3) You Don’t Have a Clear Understanding of Your Audience
Seeing a return from PPC depends on your understanding of your audience and how they buy or interact with your products. For example, if your highest-converting consumer profiles are single, in their mid-20s, and located near popular hiking and backpacking destinations, you don’t want to waste clicks targeting older married audiences who live amid urban sprawl. That said, you still don’t want to completely miss out on the urbanites; you just want to bid less aggressively on that geo. You simply should pay the same to reach both those audiences.
Analyze the data to see where people are most likely to purchase your products (cities/counties/states/regions). Then, optimize your PPC by GEO-targeting your Google Ads with a tiered bidding structure based on geographic performance.
You should also look over your metrics to see how people are buying and interacting with your products. Do you get a ton of mobile traffic that doesn’t covert especially well? This could be a sign that you need to improve the user experience on your mobile site and then adjust “device-type” bidding accordingly.
4) You Haven’t Refined the User Experience
You can spend a fortune directing thousands of potential customers to your website, but it will all go to waste if you haven’t optimized the user experience. Poor navigation, technical errors and slow load times will turn users away. You also want to avoid conflicting user objectives that confuse visitors and pull them in different directions.

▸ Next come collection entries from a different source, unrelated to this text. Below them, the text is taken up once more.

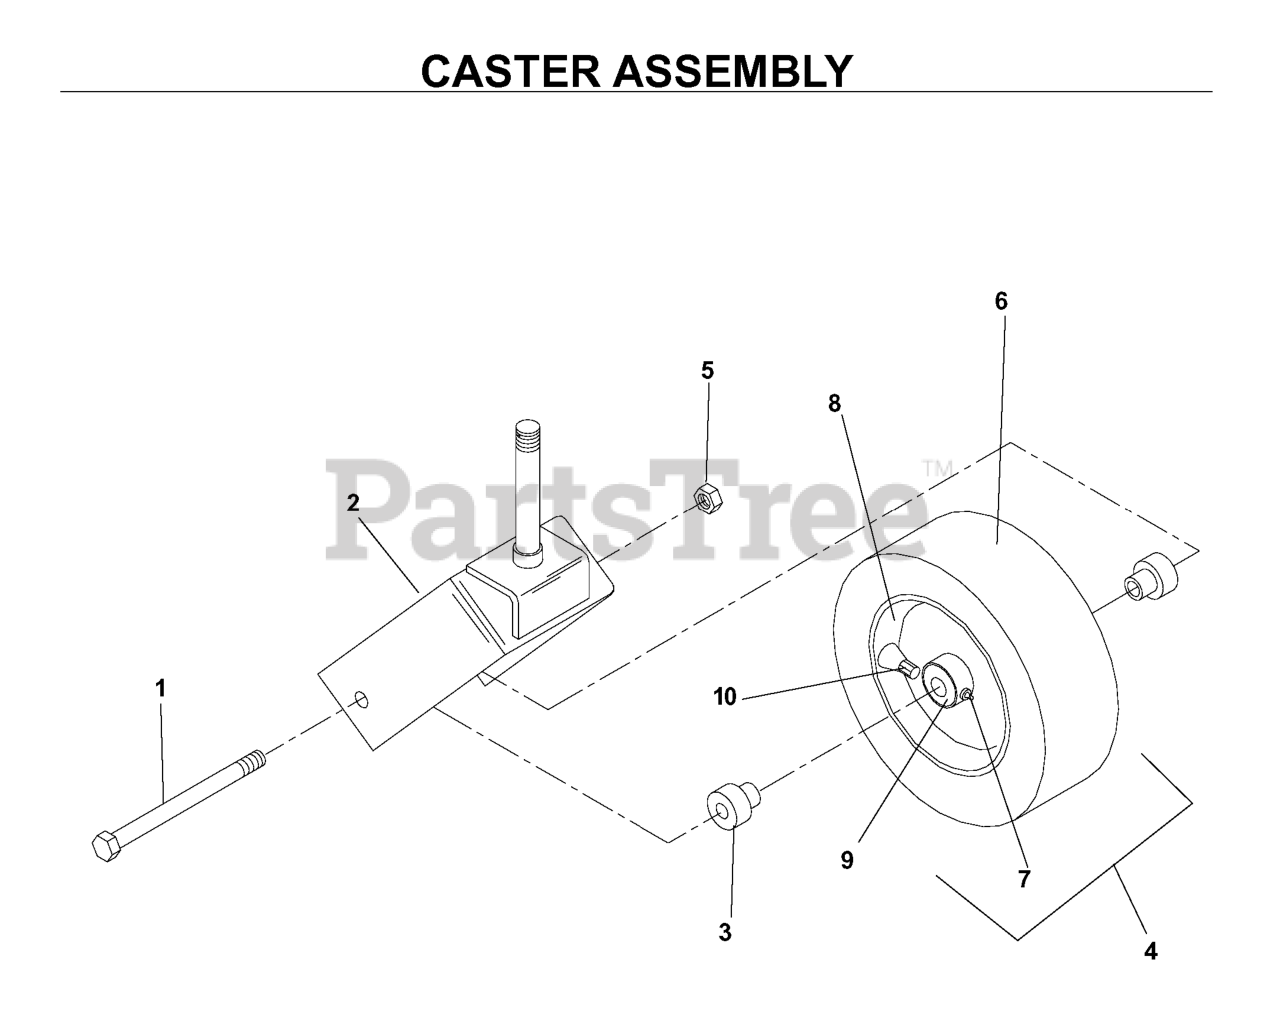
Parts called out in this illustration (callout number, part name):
1	HEX SCREW 1/2-13 X 9.5 GR5
2	CASTOR YOKE ORANGE
3	AXLE SPACER
4	FRONT TIRE ASSY
5	NUT 1/2-13 HEX NYLOC ZD
6	TIRE - SMOOTH 13X6.50-6
7	ZERK
10	VALVE STEM TR-412
539105525	TAPERED BEARING W/RACE

A great website and landing pages are a crucial part of cost-effective PPC. You want clean aesthetics and a logical, intuitive structure. “Don’t make them think,” is a user experience mantra at Parallel Path. Ask yourself, are you making it easy for consumers to purchase?

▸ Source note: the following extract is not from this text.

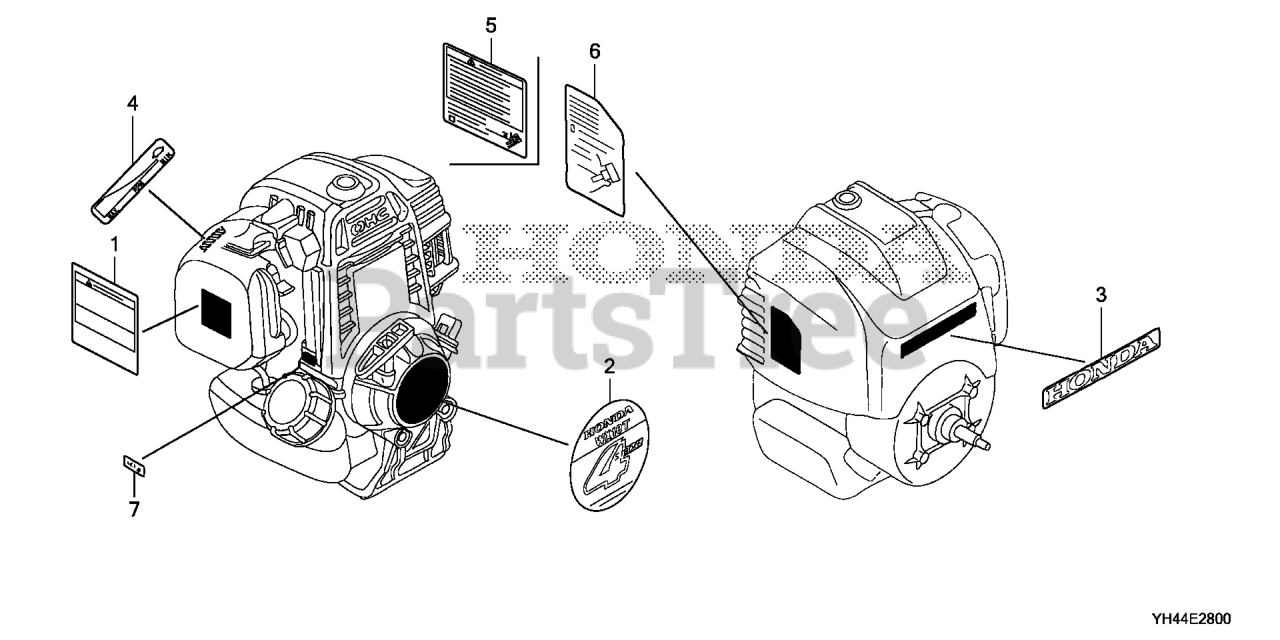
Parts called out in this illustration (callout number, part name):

You also want to consider trying to increase engagement by surprising and delighting consumers by adding discounts, special offers and reasons to sign up for email updates. Many times, companies fail to realize that they are losing money on paid search—not because of bad paid search ads—but because of bad websites. Much like a fisherman with a torn net, they keep letting opportunities get away because they haven’t optimized the user experience.
5) You Aren’t Leveraging Ad Extensions
Google Adwords allows you to enhance your ads with several different customizable ad extensions, including: business phone number, address, user reviews, product images, special offers, and additional links to other pages on your site. By adding more content to your paid search ad, these extensions give you prominence and increased visibility on the search results page, which can result in higher engagement.

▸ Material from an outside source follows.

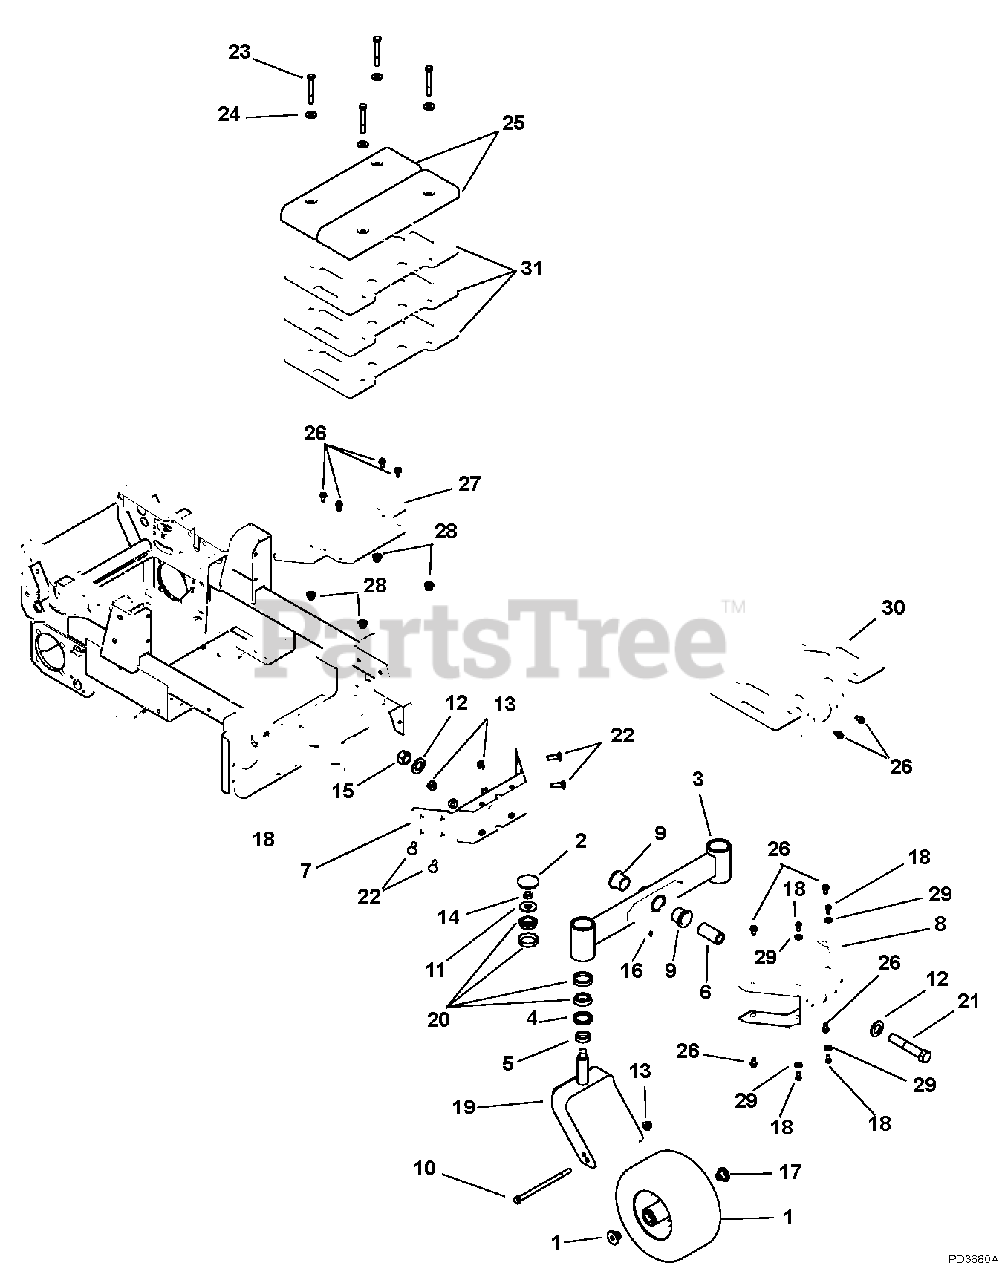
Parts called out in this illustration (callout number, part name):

To nurture engagement and maximize your paid search ROAS, try to leverage every element of each search ad and to occupy as much real estate on the SERPs as possible. Ad extensions are a great way to stand out from the competition while providing more targeted information that attracts attention and increases engagement.
The Bottom Line
PPC has developed into a highly specialized field that requires the skills of a marketer, analyst and technician. Running a successful paid search campaign that maximizes your investment is not easy. Anyone who says they can select a Google bidding algorithm, set it, and forget it is not getting the best ROI they can out of their dollars. When it comes to increasing your paid search ROI, the bottom line is to regularly optimize your ads based on data that matters and best practices that have proven to win. You will need to be flexible and patient: remember you are not alone if you are still not seeing the ROI you expected (or hoped to see) on your search ad campaigns.